St. Pepin is a sister seedling of LaCrosse, which was also developed by Elmer Swenson. However, the similarly cold-hardy St. Pepin is a fruitier and earlier-ripening grape, which makes one of the best white wines in Minnesota. It is also used for juice. The grape is being grown experimentally in South Dakota and in other cold winter states.




Excellent wines have been made from St. Pepin as a varietal and also blended with LaCrosse. When well ripened, fruit quality is similar to Reisling. Selected by Elmer Swenson. 
Crisp flavors from adequate acids with a hint of apricot, pineapple, apple, and pear aromas, off-dry with a medium body; similar to Sauvignon Blanc.




Let's use an appropriate fictitious winery for this variety.
*Polar Epress Winery*




So now the challenge is for you to develop a nice label anyone would be proud to display.


Let the fun begin. Your post names to post in are:
*Label Tutorial Challenge-Joan*
*and*
*Label Tutorial Challenge-Ramona*

*Edited by: appleman *


----------



## Tomy (Dec 13, 2007)

Appleman, I apoligise for my stupid, dumb out of line post. Some times I let my mouth overload my donky. You have a great idea. I guess with my wife feeling poorly, and the Rat Dog pooping in the corner, my daughter getting in a wreck, I was having a bad hair day. Every thing is fine now and back to normal, if there is a normal around this house. Thanks Tomy


----------



## grapeman (Dec 16, 2007)

Well the gals have posted their labels under the Tutorial Challenges and explained how they did it. 


Why don't some of you others that want to try labels give it a try. Use what software you have or get something for Christmas and make your own. You can try using the same starting point as Ramona and Joan used and see what you can come up with, even try to duplicate theirs if you want. If you get stumped along the way, ask questions and we will see if you can get help along the way. 


When you get it finished, post it here and listen to the cheers!


----------



## Waldo (Dec 16, 2007)

The ladies both did a fantastic job . I 
Just had to give this a try appleman. Here is what I came up with.







*Edited by: Waldo *


----------



## grapeman (Dec 16, 2007)

Wow Waldo, Great Job. It's snowing so hard on the label that nothing shows. That really depicts snowy and cold!


----------



## NorthernWinos (Dec 16, 2007)

appleman said:


> Wow Waldo, Great Job. It's snowing so hard on the label that nothing shows. That really depicts snowy and cold!




I see a very nice label indeed...Perhaps it's snowing so hard at Appleman's house he can't see his computer....


----------



## rgecaprock (Dec 16, 2007)

Waldo,


I love your label !!! Neat train picture!! Ramona


----------



## Joanie (Dec 16, 2007)

It's wonderful, Waldo! What program did you use?


----------



## Wade E (Dec 16, 2007)

Nice Waldo, I like the silver in it!


----------



## grapeman (Dec 16, 2007)

Yeah guys I see it too now, the snow has let up. Either that or it is where Waldo edited his post 10 minutes later and put the picture in after giving you guys a chance to make fun of me!
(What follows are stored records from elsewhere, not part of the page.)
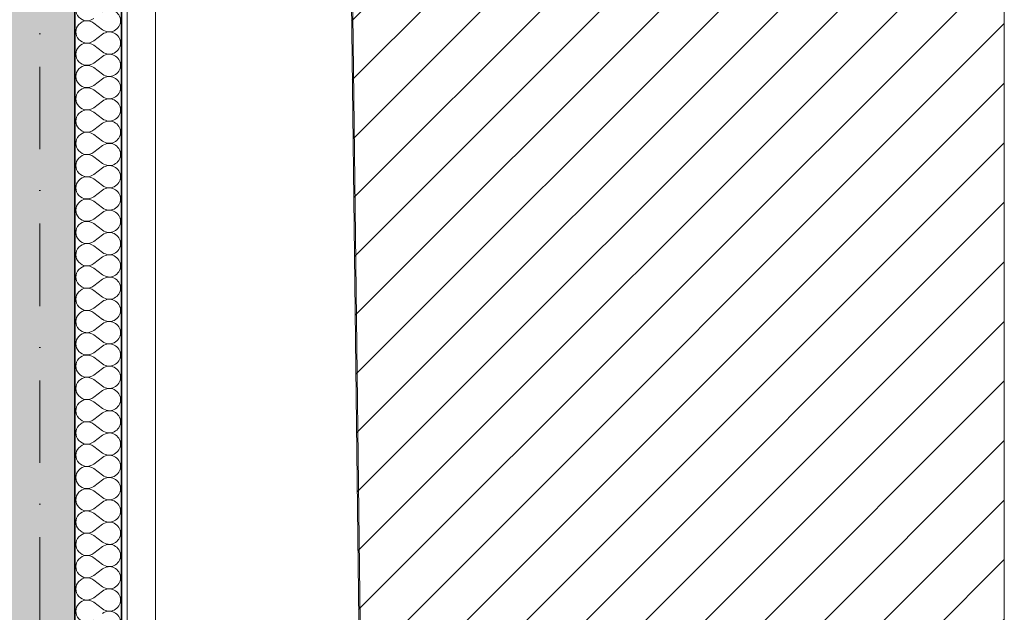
# Model space of a CAD drawing. Header units: millimetres. Extents: x 82175 to 237000, y 24756 to 471700.
# Tile 221 of 256: x 122425 to 126632, y 382983 to 385516. Entities that reach past the tile are written whole.
import ezdxf

# ---------------------------------------------------------------- set-up
doc = ezdxf.new("R2010")
doc.units = ezdxf.units.MM
doc.linetypes.add('Kropki i Kreski', pattern=[6.702778, 3.527778, -1.763889, 0, -1.411111])
for name, color, linetype in [('- A - ocieplenie', 8, 'Continuous'), ('- PRZEGRODY PROJEKTOWANE', 8, 'Continuous'), ('Konstrukcja - Siatka mod', 8, 'Continuous'), ('Konstrukcja - Ściany zewnętrzne', 8, 'Continuous'), ('z JAN', 8, 'Continuous')]:
    doc.layers.add(name, color=color, linetype=linetype)

# ---------------------------------------------------------------- blocks, each defined once
blk = doc.blocks.new('*X24')
at = {"layer": '- A - ocieplenie', "linetype": 'Continuous', "lineweight": 13, "ltscale": 100}
for p, q in [((49898.5, 395033.2), (49936.6, 395004.7)), ((49898.5, 394957), (49936.6, 394985.6)), ((49898.5, 394938), (49936.6, 394909.4)), ((49898.5, 394861.8), (49936.6, 394890.4)), ((49898.5, 394842.8), (49936.6, 394814.2)), ((49898.5, 394766.6), (49936.6, 394795.1)), ((49898.5, 394747.5), (49936.6, 394718.9)), ((49898.5, 394671.3), (49936.6, 394699.9)), ((49898.5, 394652.3), (49936.6, 394623.7)), ((49898.5, 394576.1), (49936.6, 394604.7)), ((49898.5, 394557), (49936.6, 394528.5)), ((49898.5, 394480.8), (49936.6, 394509.4)), ((49898.5, 394461.8), (49936.6, 394433.2)), ((49898.5, 394385.6), (49936.6, 394414.2)), ((49898.5, 394366.6), (49936.6, 394338)), ((49898.5, 394290.4), (49936.6, 394318.9)), ((49898.5, 394271.3), (49936.6, 394242.8)), ((49898.5, 394195.1), (49936.6, 394223.7)), ((49898.5, 394176.1), (49936.6, 394147.5)), ((49898.5, 394099.9), (49936.6, 394128.5)), ((49898.5, 394080.8), (49936.6, 394052.3)), ((49898.5, 394004.7), (49936.6, 394033.2)), ((49898.5, 393985.6), (49936.6, 393957)), ((49898.5, 393909.4), (49936.6, 393938)), ((49898.5, 393890.4), (49936.6, 393861.8)), ((49898.5, 393814.2), (49936.6, 393842.8)), ((49898.5, 393795.1), (49936.6, 393766.6)), ((49898.5, 393718.9), (49936.6, 393747.5)), ((49898.5, 393699.9), (49936.6, 393671.3)), ((49898.5, 393623.7), (49936.6, 393652.3)), ((49898.5, 393604.7), (49936.6, 393576.1)), ((49898.5, 393528.5), (49936.6, 393557)), ((49898.5, 393509.4), (49936.6, 393480.8)), ((49898.5, 393433.2), (49936.6, 393461.8)), ((49898.5, 393414.2), (49936.6, 393385.6)), ((49898.5, 393338), (49936.6, 393366.6)), ((49898.5, 393318.9), (49936.6, 393290.4)), ((49898.5, 393242.8), (49936.6, 393271.3)), ((49898.5, 393223.7), (49936.6, 393195.1)), ((49898.5, 393147.5), (49936.6, 393176.1)), ((49898.5, 393128.5), (49936.6, 393099.9)), ((49898.5, 393052.3), (49936.6, 393080.8)), ((49898.5, 393033.2), (49936.6, 393004.7)), ((49898.5, 392957), (49936.6, 392985.6)), ((49898.5, 392938), (49936.6, 392909.4)), ((49898.5, 392861.8), (49936.6, 392890.4)), ((49898.5, 392842.8), (49936.6, 392814.2)), ((49898.5, 392766.6), (49936.6, 392795.1)), ((49898.5, 392747.5), (49936.6, 392718.9)), ((49898.5, 392671.3), (49936.6, 392699.9)), ((49898.5, 392652.3), (49936.6, 392623.7)), ((49898.5, 392576.1), (49936.6, 392604.7)), ((49898.5, 392557), (49936.6, 392528.5))]:
    blk.add_line(p, q, dxfattribs=at)
for centre, start, end in [((49869.9, 395090.4), 53.1301, 306.8699), ((49965.2, 395042.8), 0, 126.8699), ((49869.9, 394995.1), 53.1301, 306.8699), ((49965.2, 395042.8), 233.1301, 0), ((49965.2, 394947.5), 0, 126.8699), ((49869.9, 394899.9), 53.1301, 306.8699), ((49965.2, 394947.5), 233.1301, 0), ((49965.2, 394852.3), 0, 126.8699), ((49869.9, 394804.7), 53.1301, 306.8699), ((49965.2, 394852.3), 233.1301, 0), ((49965.2, 394757), 0, 126.8699), ((49869.9, 394709.4), 53.1301, 306.8699), ((49965.2, 394757), 233.1301, 0), ((49965.2, 394661.8), 0, 126.8699), ((49869.9, 394614.2), 53.1301, 306.8699), ((49965.2, 394661.8), 233.1301, 0), ((49965.2, 394566.6), 0, 126.8699), ((49869.9, 394518.9), 53.1301, 306.8699), ((49965.2, 394566.6), 233.1301, 0), ((49965.2, 394471.3), 0, 126.8699), ((49869.9, 394423.7), 53.1301, 306.8699), ((49965.2, 394471.3), 233.1301, 0), ((49965.2, 394376.1), 0, 126.8699), ((49869.9, 394328.5), 53.1301, 306.8699), ((49965.2, 394376.1), 233.1301, 0), ((49965.2, 394280.8), 0, 126.8699), ((49869.9, 394233.2), 53.1301, 306.8699), ((49965.2, 394280.8), 233.1301, 0), ((49965.2, 394185.6), 0, 126.8699), ((49869.9, 394138), 53.1301, 306.8699), ((49965.2, 394185.6), 233.1301, 0), ((49965.2, 394090.4), 0, 126.8699), ((49869.9, 394042.8), 53.1301, 306.8699), ((49965.2, 394090.4), 233.1301, 0), ((49965.2, 393995.1), 0, 126.8699), ((49869.9, 393947.5), 53.1301, 306.8699), ((49965.2, 393995.1), 233.1301, 0), ((49965.2, 393899.9), 0, 126.8699), ((49869.9, 393852.3), 53.1301, 306.8699), ((49965.2, 393899.9), 233.1301, 0), ((49965.2, 393804.7), 0, 126.8699), ((49869.9, 393757), 53.1301, 306.8699), ((49965.2, 393804.7), 233.1301, 0), ((49965.2, 393709.4), 0, 126.8699), ((49869.9, 393661.8), 53.1301, 306.8699), ((49965.2, 393709.4), 233.1301, 0), ((49965.2, 393614.2), 0, 126.8699), ((49869.9, 393566.6), 53.1301, 306.8699), ((49965.2, 393614.2), 233.1301, 0), ((49965.2, 393518.9), 0, 126.8699), ((49869.9, 393471.3), 53.1301, 306.8699), ((49965.2, 393518.9), 233.1301, 0), ((49965.2, 393423.7), 0, 126.8699), ((49869.9, 393376.1), 53.1301, 306.8699), ((49965.2, 393423.7), 233.1301, 0), ((49965.2, 393328.5), 0, 126.8699), ((49869.9, 393280.8), 53.1301, 306.8699), ((49965.2, 393328.5), 233.1301, 0), ((49965.2, 393233.2), 0, 126.8699), ((49869.9, 393185.6), 53.1301, 306.8699), ((49965.2, 393233.2), 233.1301, 0), ((49965.2, 393138), 0, 126.8699), ((49869.9, 393090.4), 53.1301, 306.8699), ((49965.2, 393138), 233.1301, 0), ((49965.2, 393042.8), 0, 126.8699), ((49869.9, 392995.1), 53.1301, 306.8699), ((49965.2, 393042.8), 233.1301, 0), ((49965.2, 392947.5), 0, 126.8699), ((49869.9, 392899.9), 53.1301, 306.8699), ((49965.2, 392947.5), 233.1301, 0), ((49965.2, 392852.3), 0, 126.8699), ((49869.9, 392804.7), 53.1301, 306.8699), ((49965.2, 392852.3), 233.1301, 0), ((49965.2, 392757), 0, 126.8699), ((49869.9, 392709.4), 53.1301, 306.8699), ((49965.2, 392757), 233.1301, 0), ((49965.2, 392661.8), 0, 126.8699), ((49869.9, 392614.2), 53.1301, 306.8699), ((49965.2, 392661.8), 233.1301, 0), ((49965.2, 392566.6), 0, 126.8699), ((49869.9, 392518.9), 53.1301, 306.8699), ((49965.2, 392566.6), 233.1301, 0), ((49965.2, 392471.3), 0, 126.8699)]:
    blk.add_arc(centre, 47.6, start, end, dxfattribs=at)

msp = doc.modelspace()

# ---------------------------------------------------------------- hatches: boundary and pattern name
at = {"layer": '- PRZEGRODY PROJEKTOWANE', "linetype": 'Continuous', "lineweight": 15}
h = msp.add_hatch(dxfattribs=at)
h.set_pattern_fill('Bloczki_ceramiczne_0002', color=8, style=0, pattern_type=2)
h.set_pattern_definition([(45, (-135208.59, 662558.78), (-127.27922, 127.27922), [])])
h.paths.add_polyline_path([(123796.2, 389435.4), (123986.2, 373458.8), (124135.3, 373250.4), (126631.9, 373244.7), (126631.9, 389419.7)])
at = {"layer": 'Konstrukcja - Ściany zewnętrzne', "linetype": 'Continuous', "lineweight": 13}
msp.add_hatch(color=8, dxfattribs=at).paths.add_polyline_path([(122660, 373751), (122660, 386531), (122160, 386531), (122160, 373751)])

# ---------------------------------------------------------------- linework, layer by layer
at = {"layer": '- A - ocieplenie', "color": 8, "linetype": 'Continuous', "lineweight": 20, "ltscale": 100, "flags": 128}
for points in [[(122884.2, 386650.4), (122884.2, 373951)], [(123004.2, 373951), (123004.2, 386650.4)]]:
    msp.add_lwpolyline(points, dxfattribs=at)
at = {"layer": '- A - ocieplenie', "color": 8, "linetype": 'Continuous', "lineweight": 35, "ltscale": 100, "flags": 128}
for points in [[(122660, 386531), (122660, 373736.5)], [(122860, 373951), (122860, 386531)]]:
    msp.add_lwpolyline(points, dxfattribs=at)
at = {"layer": '- PRZEGRODY PROJEKTOWANE', "color": 8, "linetype": 'Continuous', "lineweight": 13, "ltscale": 100, "flags": 128}
msp.add_lwpolyline([(123796.2, 389435.4), (123986.2, 373458.8), (124135.3, 373250.4), (126631.9, 373244.7), (126631.9, 389419.7)], close=True, dxfattribs=at)
at = {"layer": 'Konstrukcja - Siatka mod', "color": 8, "linetype": 'Kropki i Kreski', "lineweight": 13, "ltscale": 100}
msp.add_line((122510, 389337), (122510, 372372.2), dxfattribs=at)
at = {"layer": 'Konstrukcja - Ściany zewnętrzne', "color": 8, "linetype": 'Continuous', "lineweight": 35, "ltscale": 100, "flags": 128}
msp.add_lwpolyline([(122660, 373451), (122660, 386531)], dxfattribs=at)
at = {"layer": 'z JAN', "color": 8, "linetype": 'Continuous', "lineweight": 13, "ltscale": 100, "flags": 128}
msp.add_lwpolyline([(122780, 386531), (122780, 389890.6), (122863.8, 389890.2), (122871.8, 391325.3), (123779.5, 391320.3), (123802.2, 389435.3), (123800.8, 389435.3), (123990, 373733.6), (122860, 373736.5), (122860, 386531)], close=True, dxfattribs=at)

# ---------------------------------------------------------------- block references
at = {"color": 8, "linetype": 'Continuous', "lineweight": 20, "ltscale": 100}
msp.add_blockref('*X24', (72842.4, -9531.6), dxfattribs=at)

doc.saveas('drawing.dxf')

Oh yeah, I almost forgot. It's a great job Waldo. If you would like to share how you did it with or without screen shots, go ahead!*Edited by: appleman *


----------



## Waldo (Dec 16, 2007)

Hey !!! Where did my post go? I just posted how the label was created. Did I post it somewhere else


----------



## jobe05 (Dec 16, 2007)

I had a post disappear to Waldo, to Tomy to tell him what you did, to put a bottle away. Hit the post button and it was gone! I'm sure it will land in some obscure place on the internet where no one will know what t means.


----------



## Waldo (Dec 16, 2007)

I guess I have been up too long.
OK...One more time
1. Googled the train image
2. Used Adobe to sharpen and clear up image like I wanted it
3. Created background in Print Shop
4. Imported graphic to Print Shop
5. Applied a feathering special effect to image to blend it in with background.
6. Added text using the headline feature in Print Shop and "viola" a label was born


----------



## grapeman (Dec 16, 2007)

What I do sometimes is type in the whole post as I want it- usually the really long ones with pictures and everything. I then go to post it and instead of hitting post reply right under the box, I hit the post reply at the bottom right corner of the screen. That starts a new post and you lose everything you just entered. It can be a bit frustrating when I need to try to remember what I typed the first time. *Edited by: appleman *


----------



## NorthernWinos (Dec 16, 2007)

Sometimes I get Phishing error messages...or a page will come up that is totally unrelated...usually a Microsoft page....Then...go back to square one...


----------



## Joanie (Dec 16, 2007)

jobe05 said:


> I had a post disappear to Waldo, to Tomy to tell him what you did, to put a bottle away. Hit the post button and it was gone! I'm sure it will land in some obscure place on the internet where no one will know what t means.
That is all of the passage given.